[Records contained in a dataset]
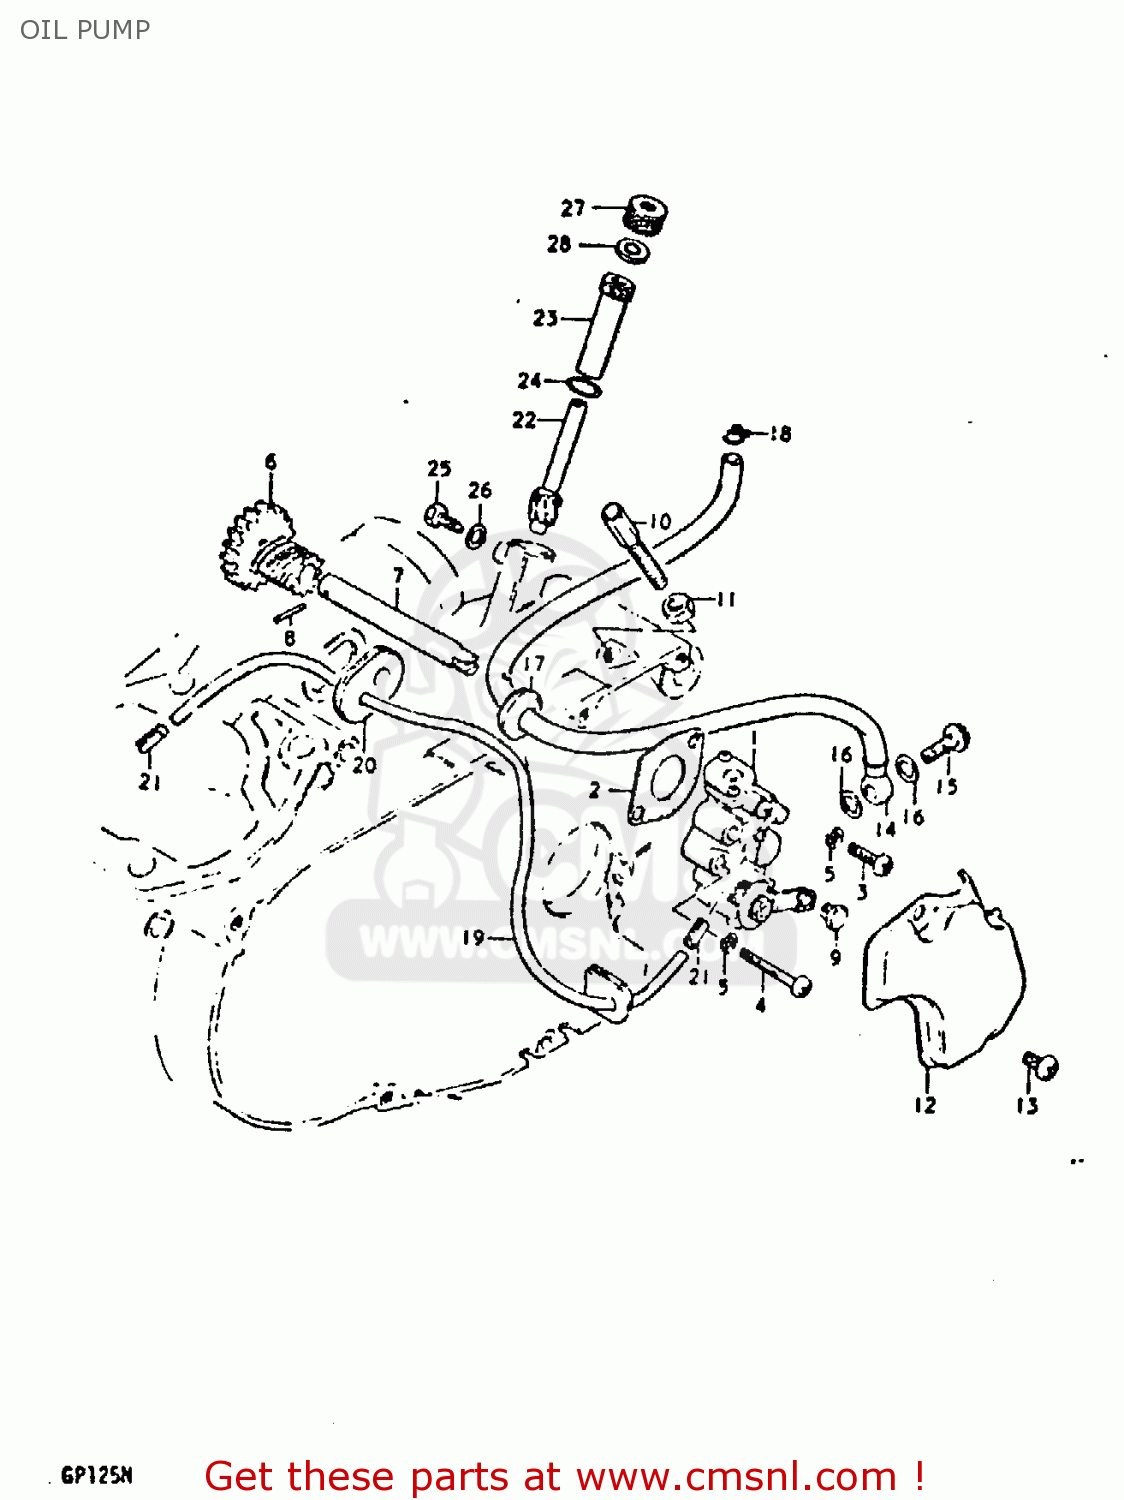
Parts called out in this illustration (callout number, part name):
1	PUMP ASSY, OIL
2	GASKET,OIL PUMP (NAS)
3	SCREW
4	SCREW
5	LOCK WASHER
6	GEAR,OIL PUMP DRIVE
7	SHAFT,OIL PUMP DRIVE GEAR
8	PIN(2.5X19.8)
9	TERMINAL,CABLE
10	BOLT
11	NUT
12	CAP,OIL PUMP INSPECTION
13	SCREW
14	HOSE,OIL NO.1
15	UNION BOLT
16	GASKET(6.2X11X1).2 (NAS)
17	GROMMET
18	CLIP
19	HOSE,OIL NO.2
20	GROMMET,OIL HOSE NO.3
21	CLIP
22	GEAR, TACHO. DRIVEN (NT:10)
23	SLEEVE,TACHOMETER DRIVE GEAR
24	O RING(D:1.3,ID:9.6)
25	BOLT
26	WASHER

Exercise brief | Each entry above is to be duplicated exactly, and its pictures omitted.

Result of the task |
Parts called out in this illustration (callout number, part name):
1	PUMP ASSY, OIL
2	GASKET,OIL PUMP (NAS)
3	SCREW
4	SCREW
5	LOCK WASHER
6	GEAR,OIL PUMP DRIVE
7	SHAFT,OIL PUMP DRIVE GEAR
8	PIN(2.5X19.8)
9	TERMINAL,CABLE
10	BOLT
11	NUT
12	CAP,OIL PUMP INSPECTION
13	SCREW
14	HOSE,OIL NO.1
15	UNION BOLT
16	GASKET(6.2X11X1).2 (NAS)
17	GROMMET
18	CLIP
19	HOSE,OIL NO.2
20	GROMMET,OIL HOSE NO.3
21	CLIP
22	GEAR, TACHO. DRIVEN (NT:10)
23	SLEEVE,TACHOMETER DRIVE GEAR
24	O RING(D:1.3,ID:9.6)
25	BOLT
26	WASHER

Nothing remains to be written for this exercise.